Your objective: The line containing "doc.linetypes.add('MEDIUM_DASHED', pattern=[4.5, 3, -1.5])" marks the end; write out exactly every line from the start of the data up to and including it, without the pictures.

Records from a dataset:
------

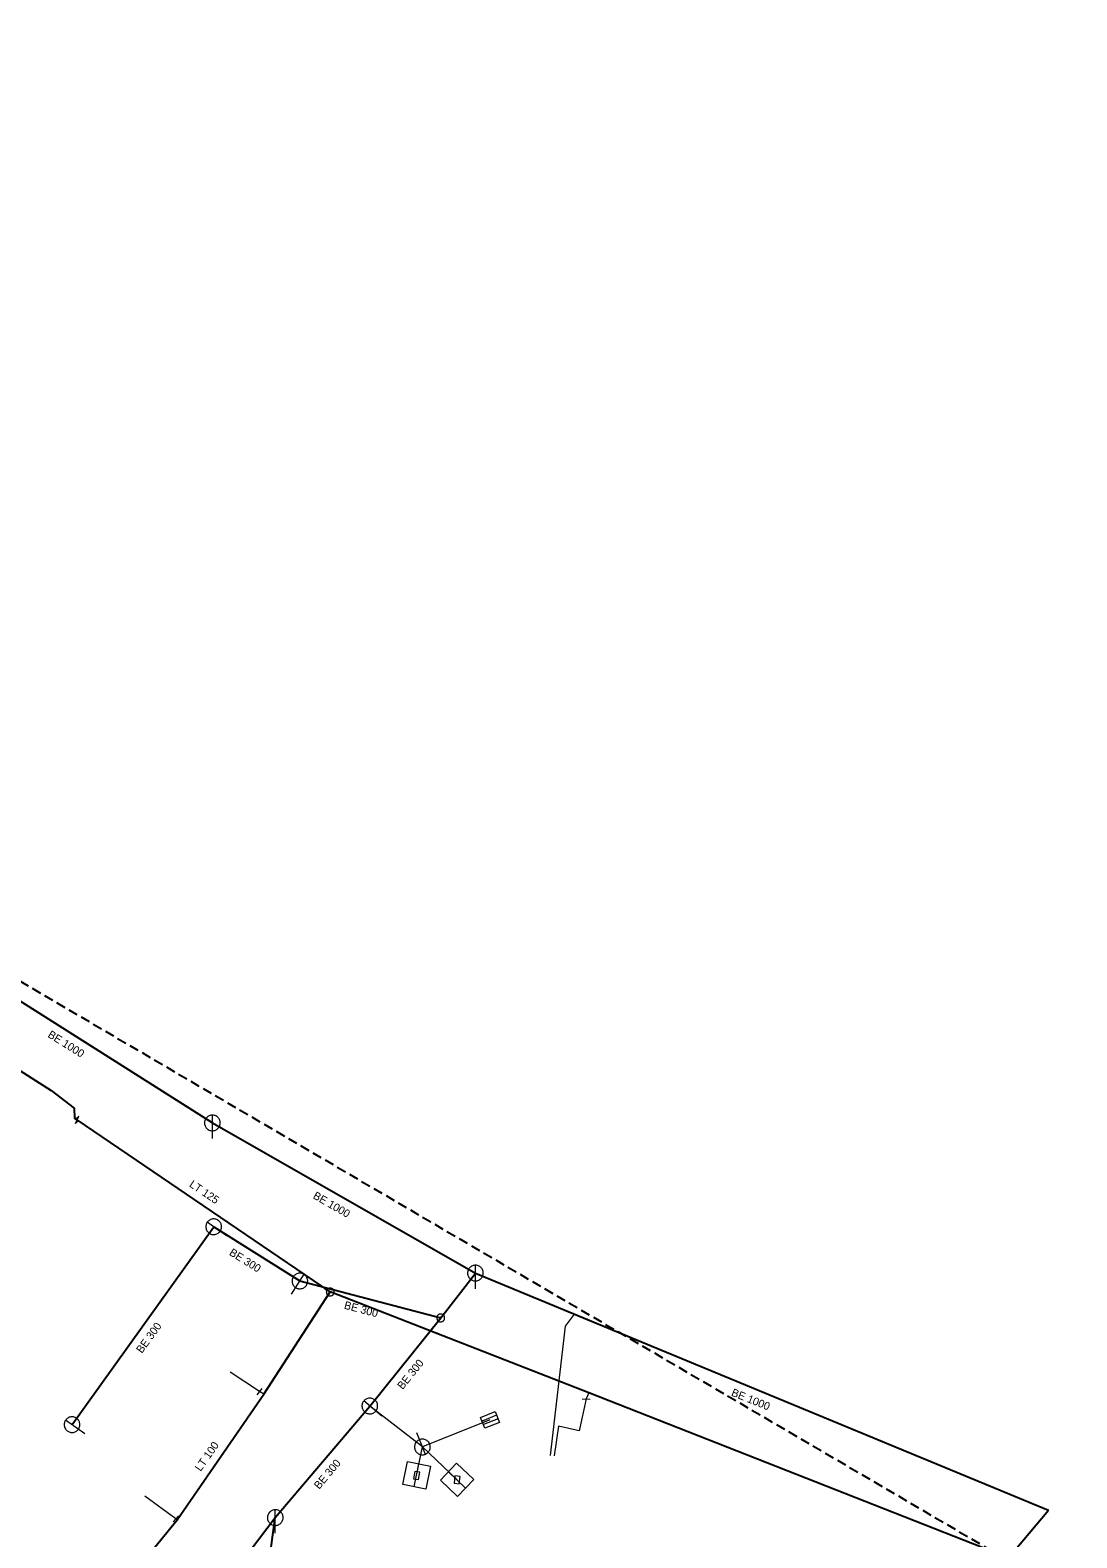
# Model space of a CAD drawing. Extents: x -791337 to -790755, y -988454 to -987923.
# Drawn here: x -791023.2 to -790890, y -988115.1 to -987923.1 of the extents above; entities that cross this region are included whole.
import ezdxf

# ---------------------------------------------------------------- set-up
doc = ezdxf.new("R2010")
doc.units = 0
doc.header["$LTSCALE"] = 0.4
doc.linetypes.add('MEDIUM_DASHED', pattern=[4.5, 3, -1.5])
for name, color, linetype, lineweight in [('1', 7, 'Continuous', 13), ('11', 7, 'Continuous', 13), ('13', 7, 'Continuous', 13), ('14', 7, 'Continuous', 25), ('17', 7, 'Continuous', 25), ('22', 7, 'Continuous', 13), ('23', 7, 'Continuous', 13), ('31', 7, 'Continuous', 13), ('34', 7, 'Continuous', 13), ('47', 7, 'Continuous', 13), ('63', 7, 'MEDIUM_DASHED', 25)]:
    doc.layers.add(name, color=color, linetype=linetype, lineweight=lineweight)

msp = doc.modelspace()

# ---------------------------------------------------------------- linework, layer by layer
at = {"layer": '1'}
for points in [[(-790974.289, -988106.68), (-790974.43, -988107.629), (-790973.78, -988107.719), (-790973.64, -988106.77)], [(-790969.16, -988107.25), (-790969.281, -988108.207), (-790968.631, -988108.287), (-790968.509, -988107.332)]]:
    msp.add_lwpolyline(points, close=True, dxfattribs=at)
at = {"layer": '11'}
for p, q in [((-790973.309, -988103.579), (-790980, -988098.359)), ((-790964.71, -988100.129), (-790973.309, -988103.579)), ((-790974.039, -988107.199), (-790973.309, -988103.579)), ((-790968.899, -988107.77), (-790973.309, -988103.579))]:
    msp.add_line(p, q, dxfattribs=at)
msp.add_lwpolyline([(-790956.991, -988104.669), (-790955.074, -988088.182), (-790953.942, -988086.649)], dxfattribs=at)
at = {"layer": '13'}
for p, q in [((-790994.059, -988096.529), (-790997.761, -988094.041)), ((-790993.489, -988096.87), (-790994.059, -988096.529)), ((-790952.1, -988096.67), (-790952.459, -988097.459)), ((-791004.699, -988112.739), (-791008.625, -988109.853))]:
    msp.add_line(p, q, dxfattribs=at)
msp.add_lwpolyline([(-790952.459, -988097.459), (-790953.335, -988101.511), (-790955.997, -988100.945), (-790956.52, -988104.695)], dxfattribs=at)
at = {"layer": '14'}
for p, q in [((-791000.039, -988062.309), (-790966.559, -988081.43)), ((-791017.9, -988100.734), (-790999.87, -988075.53)), ((-790999.87, -988075.53), (-790988.902, -988082.432)), ((-790966.559, -988081.43), (-790893.6, -988111.609)), ((-790980, -988098.359), (-790970.978, -988087.145)), ((-790995.768, -988140.376), (-790992.035, -988112.568))]:
    msp.add_line(p, q, dxfattribs=at)
at = {"layer": '14', "lineweight": 13}
msp.add_line((-791004.537, -988112.846), (-791004.699, -988112.739), dxfattribs=at)
at = {"layer": '14'}
for points in [[(-791048.694, -988062.718), (-791034.09, -988040.71), (-791000.039, -988062.309)], [(-790988.902, -988082.432), (-790970.978, -988087.145), (-790966.559, -988081.43)], [(-791003.034, -988127.09), (-790992.035, -988112.568), (-790980, -988098.359)], [(-790905.94, -988138.22), (-790903.94, -988123.91), (-790893.6, -988111.609)]]:
    msp.add_lwpolyline(points, dxfattribs=at)
at = {"layer": '17'}
msp.add_line((-790985.039, -988083.809), (-791017.239, -988061.899), dxfattribs=at)
for points in [[(-791034.776, -988049.416), (-791034.559, -988049.35), (-791029.19, -988052.69), (-791020.559, -988058.18), (-791017.64, -988060.43), (-791017.59, -988061.71), (-791017.239, -988061.899)], [(-791015.996, -988126.782), (-791014.379, -988124.914), (-791004.537, -988112.846), (-790993.489, -988096.87), (-790985.039, -988083.809)], [(-790868.789, -988131.909), (-790898.061, -988117.949), (-790952.1, -988096.67), (-790985.039, -988083.809)]]:
    msp.add_lwpolyline(points, dxfattribs=at)
at = {"layer": '22'}
for p, q in [((-791000.039, -988064.309), (-791000.038, -988061.309)), ((-790998.242, -988076.693), (-791000.682, -988074.948)), ((-790966.559, -988083.43), (-790966.558, -988080.43)), ((-790989.967, -988084.125), (-790988.369, -988081.586)), ((-790978.473, -988099.651), (-790980.762, -988097.712)), ((-790963.862, -988099.526), (-790965.718, -988100.271)), ((-791016.272, -988101.897), (-791018.712, -988100.152)), ((-790963.676, -988099.99), (-790965.532, -988100.735)), ((-790974.053, -988101.722), (-790972.936, -988104.506)), ((-790974.335, -988108.669), (-790973.741, -988105.728)), ((-790967.811, -988108.802), (-790969.986, -988106.736)), ((-790992.035, -988114.568), (-790992.034, -988111.568))]:
    msp.add_line(p, q, dxfattribs=at)
for points in [[(-790999.039, -988062.309), (-790999.044, -988062.2), (-790999.062, -988062.092), (-790999.092, -988061.986), (-790999.132, -988061.885), (-790999.184, -988061.788), (-790999.246, -988061.698), (-790999.318, -988061.615), (-790999.398, -988061.541), (-790999.486, -988061.475), (-790999.58, -988061.42), (-790999.68, -988061.375), (-790999.785, -988061.342), (-790999.892, -988061.32), (-791000.001, -988061.31), (-791000.111, -988061.312), (-791000.219, -988061.326), (-791000.326, -988061.351), (-791000.429, -988061.388), (-791000.527, -988061.437), (-791000.619, -988061.495), (-791000.705, -988061.564), (-791000.782, -988061.641), (-791000.851, -988061.727), (-791000.91, -988061.819), (-791000.958, -988061.917), (-791000.995, -988062.02), (-791001.021, -988062.127), (-791001.035, -988062.235), (-791001.038, -988062.345), (-791001.028, -988062.454), (-791001.007, -988062.561), (-791000.973, -988062.665), (-791000.929, -988062.765), (-791000.874, -988062.86), (-791000.808, -988062.948), (-791000.734, -988063.028), (-791000.651, -988063.1), (-791000.561, -988063.162), (-791000.465, -988063.214), (-791000.363, -988063.255), (-791000.258, -988063.285), (-791000.15, -988063.303), (-791000.04, -988063.309), (-790999.931, -988063.303), (-790999.823, -988063.285), (-790999.718, -988063.256), (-790999.616, -988063.215), (-790999.519, -988063.163), (-790999.429, -988063.101), (-790999.346, -988063.03), (-790999.271, -988062.95), (-790999.206, -988062.862), (-790999.15, -988062.768), (-790999.106, -988062.668), (-790999.072, -988062.564), (-790999.05, -988062.456), (-790999.04, -988062.347)], [(-790999.287, -988074.716), (-790999.379, -988074.658), (-790999.478, -988074.61), (-790999.581, -988074.572), (-790999.687, -988074.546), (-790999.796, -988074.532), (-790999.905, -988074.53), (-791000.015, -988074.54), (-791000.121, -988074.562), (-791000.226, -988074.596), (-791000.326, -988074.64), (-791000.42, -988074.695), (-791000.508, -988074.761), (-791000.589, -988074.836), (-791000.66, -988074.918), (-791000.722, -988075.009), (-791000.774, -988075.105), (-791000.816, -988075.207), (-791000.846, -988075.312), (-791000.863, -988075.42), (-791000.869, -988075.529), (-791000.863, -988075.639), (-791000.845, -988075.746), (-791000.815, -988075.852), (-791000.775, -988075.954), (-791000.723, -988076.05), (-791000.661, -988076.14), (-791000.589, -988076.223), (-791000.509, -988076.298), (-791000.421, -988076.363), (-791000.327, -988076.419), (-791000.227, -988076.464), (-791000.123, -988076.497), (-791000.016, -988076.519), (-790999.907, -988076.529), (-790999.797, -988076.527), (-790999.689, -988076.513), (-790999.582, -988076.488), (-790999.479, -988076.451), (-790999.381, -988076.403), (-790999.288, -988076.344), (-790999.203, -988076.276), (-790999.125, -988076.198), (-790999.056, -988076.112), (-790998.998, -988076.02), (-790998.95, -988075.922), (-790998.912, -988075.82), (-790998.886, -988075.713), (-790998.872, -988075.604), (-790998.87, -988075.494), (-790998.879, -988075.386), (-790998.901, -988075.278), (-790998.935, -988075.174), (-790998.979, -988075.074), (-790999.034, -988074.98), (-790999.099, -988074.892), (-790999.174, -988074.811), (-790999.257, -988074.739)], [(-790965.559, -988081.43), (-790965.564, -988081.321), (-790965.582, -988081.213), (-790965.612, -988081.107), (-790965.652, -988081.006), (-790965.704, -988080.909), (-790965.766, -988080.819), (-790965.838, -988080.736), (-790965.918, -988080.662), (-790966.006, -988080.596), (-790966.1, -988080.541), (-790966.2, -988080.496), (-790966.305, -988080.463), (-790966.412, -988080.441), (-790966.521, -988080.431), (-790966.631, -988080.433), (-790966.739, -988080.447), (-790966.846, -988080.472), (-790966.949, -988080.509), (-790967.047, -988080.558), (-790967.139, -988080.616), (-790967.225, -988080.685), (-790967.302, -988080.762), (-790967.371, -988080.848), (-790967.43, -988080.94), (-790967.478, -988081.038), (-790967.515, -988081.141), (-790967.541, -988081.248), (-790967.555, -988081.356), (-790967.558, -988081.466), (-790967.548, -988081.575), (-790967.527, -988081.682), (-790967.493, -988081.786), (-790967.449, -988081.886), (-790967.394, -988081.981), (-790967.328, -988082.069), (-790967.254, -988082.149), (-790967.171, -988082.221), (-790967.081, -988082.283), (-790966.985, -988082.335), (-790966.883, -988082.376), (-790966.778, -988082.406), (-790966.67, -988082.424), (-790966.56, -988082.43), (-790966.451, -988082.424), (-790966.343, -988082.406), (-790966.238, -988082.377), (-790966.136, -988082.336), (-790966.039, -988082.284), (-790965.949, -988082.222), (-790965.866, -988082.151), (-790965.791, -988082.071), (-790965.726, -988081.983), (-790965.67, -988081.889), (-790965.626, -988081.789), (-790965.592, -988081.685), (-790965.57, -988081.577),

------

Written solution:
# Model space of a CAD drawing. Extents: x -791337 to -790755, y -988454 to -987923.
# Drawn here: x -791023.2 to -790890, y -988115.1 to -987923.1 of the extents above; entities that cross this region are included whole.
import ezdxf

# ---------------------------------------------------------------- set-up
doc = ezdxf.new("R2010")
doc.units = 0
doc.header["$LTSCALE"] = 0.4
doc.linetypes.add('MEDIUM_DASHED', pattern=[4.5, 3, -1.5])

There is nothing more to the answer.